Imagine a teeter totter (or seesaw, if you will). One one side, sits a technical security practitioner. On the other side, sits a person with advanced skills in changing behaviors and community engagement. In order for the teeter totter to stay level, each person needs to have equal experience, or one needs to move further to the center to achieve the desired equilibrium. If one level of experience too demonstrably outweighs the other, the right balance of talent won't be achieved.
Talent for what? The oft-misunderstood role of the security awareness professional.
Security awareness at its most basic level is the act of applying technical security knowledge to programs and activities that raise the awareness -- and diminish risky behaviors -- of employees within a given organization. This includes everything from phishing and password test programs, to community engagement with educated practitioners teaching less security savvy users how to change their behavior to better secure protect themselves or their companies.
It's long been stated that security is not convenient, and for many years cybersecurity teams were challenged with addressing the human element of security risk (patch your systems! change your passwords! no, that is not a real email from George Clooney!) while also trying to create a secure infrastructure that defends the organization from external attackers. While the challenge of insider threats is real and malicious employees do exist, there's an equal chance that human faux pas creates a significant risk -- whether it be someone losing a device, clicking on a malicious link, or emailing the wrong file to the wrong person.

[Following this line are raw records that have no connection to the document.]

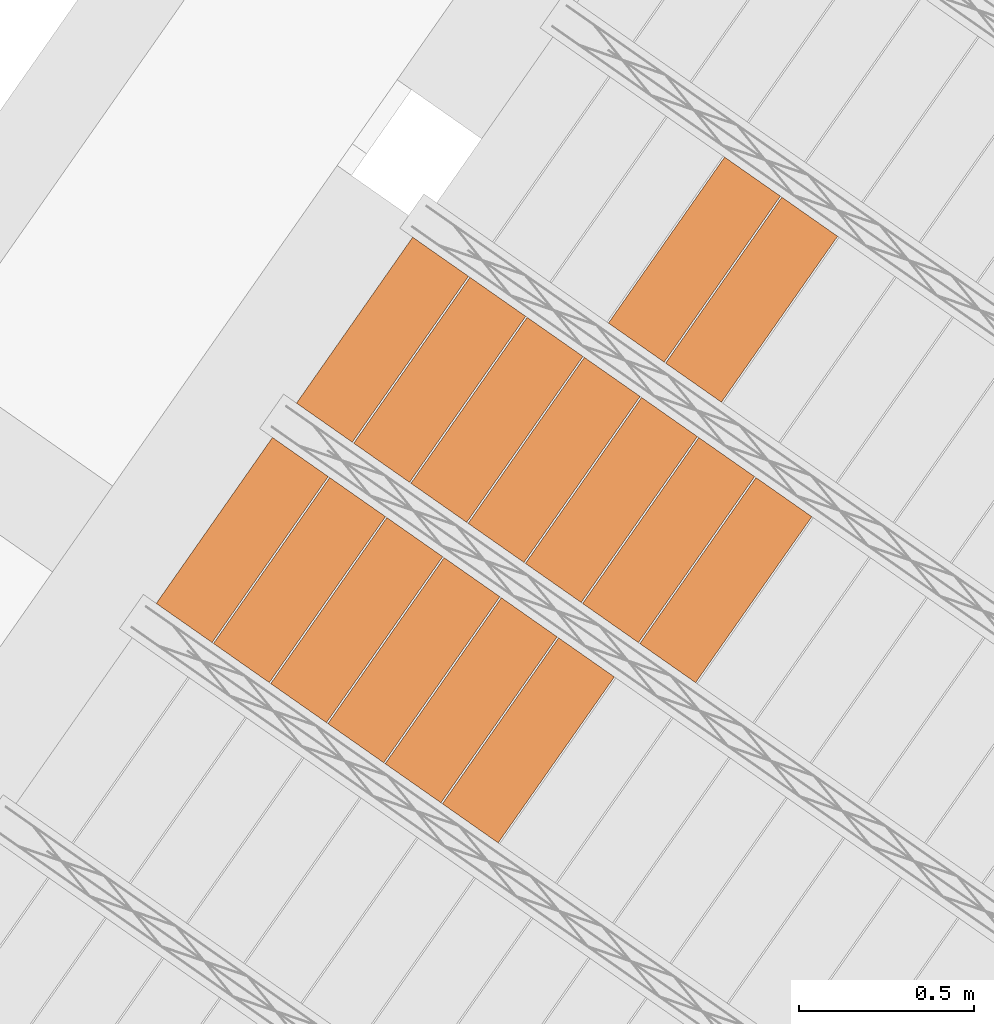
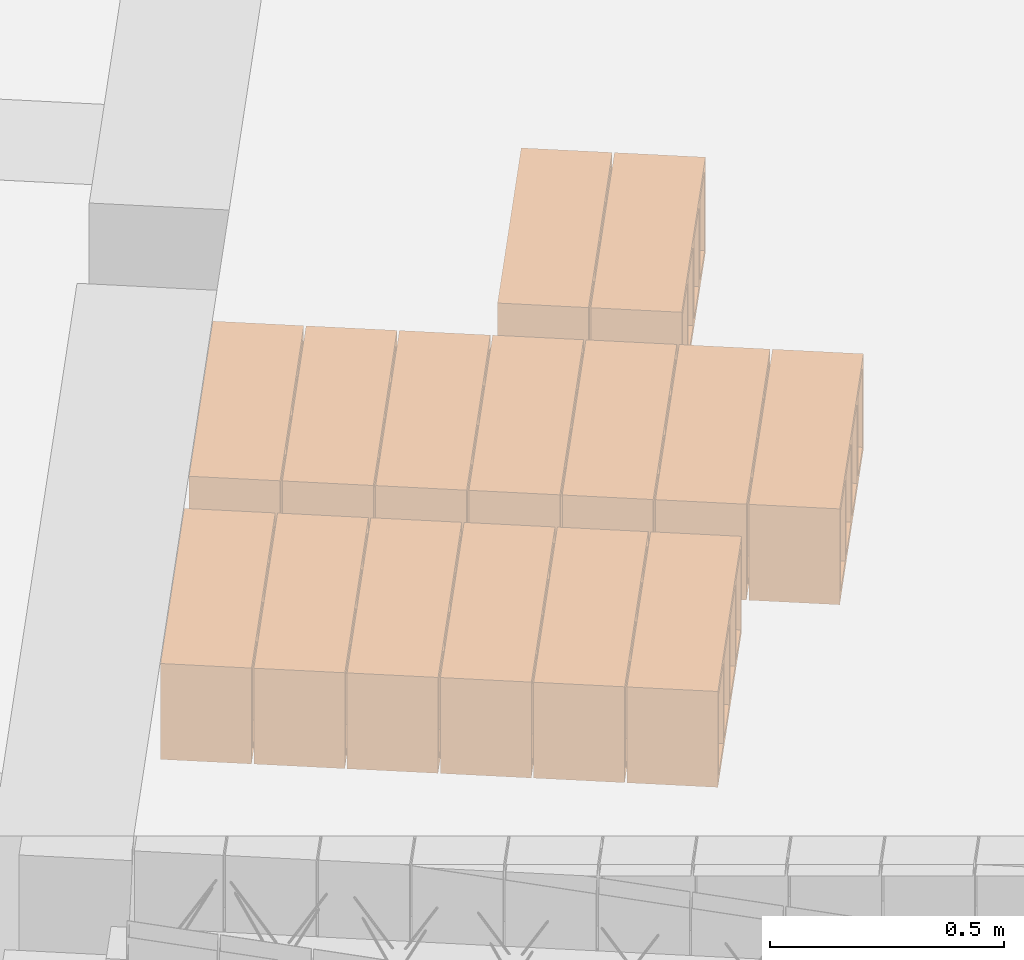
# One storey, part 36 of 46: 15 proxies.
"""IFC2X3 building model written with IfcOpenShell, lengths in metres."""

import ifcopenshell
import ifcopenshell.guid

model = None  # the IFC model being written
_history = None  # IfcOwnerHistory: only IFC2X3 demands one
_inside = {}  # id of a spatial element -> (the spatial element, [elements in it])
_under = {}  # id of a project, library or spatial element -> (it, [spatial elements below it])
_declared = {}  # id of a project -> (the project, [libraries it declares])
_typed = {}  # id of a type object -> (the type object, [elements of that type])
_made_of = {}  # id of a material, layer set ... -> (it, [elements and type objects made of it])


def new_model(schema):
    """Start an empty IFC model of exactly this schema.

    Asked for "IFC4X3", IfcOpenShell would pick the latest addendum, in which some entities
    have other attributes; the version numbers below select the first issue.
    IFC2X3 requires an IfcOwnerHistory on every rooted entity: one is made here for all.
    """
    global model, _history
    if schema == "IFC4X3":
        model = ifcopenshell.file(schema_version=(4, 3, 0, 0))
    else:
        model = ifcopenshell.file(schema=schema)
    _inside.clear()
    _under.clear()
    _declared.clear()
    _typed.clear()
    _made_of.clear()
    _history = None
    if model.schema == "IFC2X3":
        org = make("IfcOrganization", Name="unknown")
        user = make(
            "IfcPersonAndOrganization",
            ThePerson=make("IfcPerson", FamilyName="unknown"),
            TheOrganization=org,
        )
        app = make(
            "IfcApplication",
            ApplicationDeveloper=org,
            Version="unknown",
            ApplicationFullName="unknown",
            ApplicationIdentifier="unknown",
        )
        _history = make(
            "IfcOwnerHistory",
            OwningUser=user,
            OwningApplication=app,
            ChangeAction="ADDED",
            CreationDate=0,
        )
    return model


def make(cls, **values):
    """One entity of the class cls with the attributes given. An attribute that is None is left unset."""
    return model.create_entity(
        cls, **{name: value for name, value in values.items() if value is not None}
    )


def entity(cls, *values):
    """Any entity or typed value of the class cls, its attributes in the order of the schema. None: left unset."""
    e = model.create_entity(cls)
    for i, value in enumerate(values):
        if value is not None:
            e[i] = value
    return e


def rooted(cls, **values):
    """An entity with a GlobalId (a new one), such as an element, a storey or a relation."""
    return make(cls, GlobalId=ifcopenshell.guid.new(), OwnerHistory=_history, **values)


def si_unit(unit_type, name, prefix=None):
    """IfcSIUnit, for example si_unit("LENGTHUNIT", "METRE", prefix="MILLI")."""
    return make("IfcSIUnit", UnitType=unit_type, Prefix=prefix, Name=name)


def converted_unit(unit_type, name, factor, base, dimensions=None, offset=None):
    """IfcConversionBasedUnit, such as the inch: factor (a typed value) times the base unit."""
    return make(
        "IfcConversionBasedUnit"
        if offset is None
        else "IfcConversionBasedUnitWithOffset",
        ConversionOffset=offset,
        Dimensions=None
        if dimensions is None
        else entity("IfcDimensionalExponents", *dimensions),
        UnitType=unit_type,
        Name=name,
        ConversionFactor=make(
            "IfcMeasureWithUnit", ValueComponent=factor, UnitComponent=base
        ),
    )


def derived_unit(unit_type, elements):
    """IfcDerivedUnit: a product of units, each with its exponent."""
    return make(
        "IfcDerivedUnit",
        Elements=[
            make("IfcDerivedUnitElement", Unit=unit, Exponent=power)
            for unit, power in elements
        ],
        UnitType=unit_type,
    )


def assignment(units):
    """IfcUnitAssignment: the units of a project."""
    return None if units is None else make("IfcUnitAssignment", Units=units)


def point(xyz):
    """IfcCartesianPoint."""
    return None if xyz is None else make("IfcCartesianPoint", Coordinates=xyz)


def direction(xyz):
    """IfcDirection."""
    return None if xyz is None else make("IfcDirection", DirectionRatios=xyz)


def frame(location, z_axis=None, x_axis=None):
    """IfcAxis2Placement3D, a coordinate frame: its origin and axes. An axis left out is left unset."""
    return make(
        "IfcAxis2Placement3D",
        Location=point(location),
        Axis=direction(z_axis),
        RefDirection=direction(x_axis),
    )


def origin():
    """The frame at (0, 0, 0) with its axes left unset."""
    return frame((0.0, 0.0, 0.0))


def place(relative_to, where):
    """IfcLocalPlacement: puts the frame where relative to a parent placement (None: the world)."""
    return make(
        "IfcLocalPlacement", PlacementRelTo=relative_to, RelativePlacement=where
    )


def context(
    kind, dimensions, precision=None, world=None, true_north=None, identifier=None
):
    """IfcGeometricRepresentationContext, for example the 3D "Model" context."""
    return make(
        "IfcGeometricRepresentationContext",
        ContextIdentifier=identifier,
        ContextType=kind,
        CoordinateSpaceDimension=dimensions,
        Precision=precision,
        WorldCoordinateSystem=world,
        TrueNorth=true_north,
    )


def subcontext(parent, identifier, kind, view, scale=None):
    """IfcGeometricRepresentationSubContext, for example "Body" below "Model"."""
    return make(
        "IfcGeometricRepresentationSubContext",
        ContextIdentifier=identifier,
        ContextType=kind,
        ParentContext=parent,
        TargetScale=scale,
        TargetView=view,
    )


def project(units=None, contexts=None):
    """IfcProject with its units and contexts."""
    return rooted(
        "IfcProject",
        Name="project",
        RepresentationContexts=contexts,
        UnitsInContext=assignment(units),
    )


def spatial(cls, under=None, at=None, **own):
    """A site, building, storey or space (cls), placed at a placement, below another one or the project."""
    s = rooted(cls, ObjectPlacement=at, **own)
    if under is not None:
        _under.setdefault(under.id(), (under, []))[1].append(s)
    return s


def polyline(points):
    """IfcPolyline through the points."""
    return make("IfcPolyline", Points=[point(p) for p in points])


def outline(outer, holes=None, kind="AREA"):
    """IfcArbitraryClosedProfileDef: a profile drawn as a closed curve; with holes, ...WithVoids."""
    if holes is None:
        return make("IfcArbitraryClosedProfileDef", ProfileType=kind, OuterCurve=outer)
    return make(
        "IfcArbitraryProfileDefWithVoids",
        ProfileType=kind,
        OuterCurve=outer,
        InnerCurves=holes,
    )


def extrude(swept, where, along, depth):
    """IfcExtrudedAreaSolid: the profile swept, set in the frame where, extruded along a direction by depth."""
    return make(
        "IfcExtrudedAreaSolid",
        SweptArea=swept,
        Position=where,
        ExtrudedDirection=direction(along),
        Depth=depth,
    )


def shape(context_of_items, identifier, shape_type, items):
    """IfcShapeRepresentation: the items that make up one representation, for example the "Body"."""
    return make(
        "IfcShapeRepresentation",
        ContextOfItems=context_of_items,
        RepresentationIdentifier=identifier,
        RepresentationType=shape_type,
        Items=items,
    )


def made_of(thing, what):
    """Note that an element or type object is made of a material, layer set ...; save() writes the relation."""
    if what is not None:
        _made_of.setdefault(what.id(), (what, []))[1].append(thing)
    return thing


def type_object(cls, material=None, **own):
    """A type object (cls), such as IfcWallType, which elements share."""
    return made_of(rooted(cls, **own), material)


def element(
    cls,
    number,
    at=None,
    inside=None,
    cuts=None,
    type_object=None,
    material=None,
    context=None,
    identifier="Body",
    shape_type=None,
    held_by="IfcProductDefinitionShape",
    body=None,
    shapes=None,
    **own,
):
    """One element of the class cls, such as IfcWall. Its Tag is "e" and its number.

    at: its placement. inside: the storey or other place that contains it. cuts: it is an
    opening in that element (IfcRelVoidsElement). A single representation is given by context,
    identifier, shape_type and body (its items); several are given by shapes. held_by: the class
    of the entity that holds the representations. save() writes the other relations.
    """
    e = rooted(cls, Tag="e%d" % number, ObjectPlacement=at, **own)
    if body is not None:
        shapes = [shape(context, identifier, shape_type, body)]
    if shapes is not None:
        e.Representation = make(held_by, Representations=shapes)
    if inside is not None:
        _inside.setdefault(inside.id(), (inside, []))[1].append(e)
    if cuts is not None:
        rooted(
            "IfcRelVoidsElement", RelatingBuildingElement=cuts, RelatedOpeningElement=e
        )
    if type_object is not None:
        _typed.setdefault(type_object.id(), (type_object, []))[1].append(e)
    return made_of(e, material)


def aggregate(whole, parts):
    """IfcRelAggregates: a whole, such as a stair, and the parts it consists of."""
    return rooted("IfcRelAggregates", RelatingObject=whole, RelatedObjects=parts)


def save(model, path):
    """Write the relations noted so far, then the file.

    IfcRelAggregates (storeys below a building ...), IfcRelContainedInSpatialStructure (elements
    in a storey), IfcRelDefinesByType, IfcRelAssociatesMaterial and IfcRelDeclares: one each for
    every whole, place, type object, material and project.
    """
    for whole, parts in _under.values():
        aggregate(whole, parts)
    for where, things in _inside.values():
        rooted(
            "IfcRelContainedInSpatialStructure",
            RelatedElements=things,
            RelatingStructure=where,
        )
    for kind, things in _typed.values():
        rooted("IfcRelDefinesByType", RelatedObjects=things, RelatingType=kind)
    for what, things in _made_of.values():
        rooted("IfcRelAssociatesMaterial", RelatedObjects=things, RelatingMaterial=what)
    for by, libraries in _declared.values():
        rooted("IfcRelDeclares", RelatingContext=by, RelatedDefinitions=libraries)
    model.write(path)


model = new_model("IFC2X3")

# Units and contexts
model_context = context("Model", 3, precision=1e-05, world=origin(), true_north=direction((6.123031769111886e-17, 1.0)))
body_context = subcontext(model_context, "Body", "Model", "MODEL_VIEW")
ifc_project = project(units=[si_unit("LENGTHUNIT", "METRE"), si_unit("AREAUNIT", "SQUARE_METRE"), si_unit("VOLUMEUNIT", "CUBIC_METRE"), converted_unit("PLANEANGLEUNIT", "DEGREE", entity("IfcPlaneAngleMeasure", 0.017453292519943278), si_unit("PLANEANGLEUNIT", "RADIAN"), dimensions=[0, 0, 0, 0, 0, 0, 0]), si_unit("MASSUNIT", "GRAM", prefix="KILO"), derived_unit("MASSDENSITYUNIT", [(si_unit("MASSUNIT", "GRAM", prefix="KILO"), 1), (si_unit("LENGTHUNIT", "METRE"), -3)]), derived_unit("IONCONCENTRATIONUNIT", [(si_unit("MASSUNIT", "GRAM", prefix="KILO"), 1), (si_unit("LENGTHUNIT", "METRE"), -3)]), derived_unit("MOMENTOFINERTIAUNIT", [(si_unit("LENGTHUNIT", "METRE"), 4)]), si_unit("TIMEUNIT", "SECOND"), si_unit("FREQUENCYUNIT", "HERTZ"), si_unit("THERMODYNAMICTEMPERATUREUNIT", "DEGREE_CELSIUS"), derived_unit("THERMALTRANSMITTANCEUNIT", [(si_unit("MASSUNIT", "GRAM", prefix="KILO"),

Hence the importance of security awareness programs.
According to Masha Sedova, co-founder of Elevate Security, and former trust engagement leader at Salesforce, a good awareness program gets feedback from the rest of the security organization into what the top people-centric risks are for the company and, then creates an effective campaign to address those risks.
"Security awareness was initially started about 10 years ago with the advent of regulation and compliance requirements," Sedova said. "Unfortunately, they were designed with the wrong question in mind. They ask 'show me how many people have taken your training.' Instead they should have asked 'show me metrics that your program yields improvement in X behavior.' The companies leading the charge in the awareness space today are creating their programs around this question."
This leads back to the discussion around the right balance of talent for creating these programs. According to the SANS 2016 report on security awareness, more than 80 percent of security awareness personnel have a technical background, but also need soft skills such as communications, change management, learning theory, and behavior modeling, in order to be most effective.
The report calls out one option to address this gap: Adding a communications professional to the security awareness team. Although not wrong, this is a tricky one. While facets of marketing and communications expertise are helpful for many teams, as represented in the soft skills written above, the old adage applies: "you can't secure what you don't see." And if you don't have a firm understanding of security, and how risk can be created by humans and how such risk tracks back to security technology and implementation, marketing and communications skills alone cannot create the robustness required for a security awareness team.
In fact, too much of a focus on the communications elements of the security awareness role can somewhat water down its criticality. While communications programs, educational events, community dialogue and networking are important components, security awareness programs are not built on this kind of skill. These are just merely channels for influencing more people to understand their part in securing their organizations, or their communities at large.
"Most marketing people can't identify the underlying behaviors that need most focus, and unfortunately most technology-focused security people aren't great at that either," Sedova said. "Security folks will say 'employees need to be less dumb' which is hard to measure and drive a specific campaign for. And marketing people will say 'don't click on phishing links' but can't spend the time to explain why an employee should care about not clicking on phishing links and how it connects to a bigger picture. A good security awareness practitioner can bridge both skills sets."
The other component in achieving the proper torque in the seesaw, is ensuring there are resources available to fuel these security awareness programs. They are must-haves as much as basic security programs are themselves. According to the same SANS security awareness report, more than 50 percent of security awareness professionals survive on a budget of less than $5,000, or those professionals are not able to dedicate all of their time to awareness. The report also says that the amount of support is relative to the maturity of a security awareness program, so a focus on education, the human actor, and demonstrable metrics is crucial.
Corporate support, whether it be freeing up budget or resources, for security awareness programs and professionals is a must-have, as they need to scale as their organizations do.
"What needs to happen are programs that can create and educate local security champions throughout the organization," Sedova said. "This includes subjects such as secure coding, vulnerability identification and remediation, and threat sharing. These programs are great areas for security awareness practitioners to partner with security subject matter experts and create effective programs that scale. Overtime, I hope to see this happening more in this field."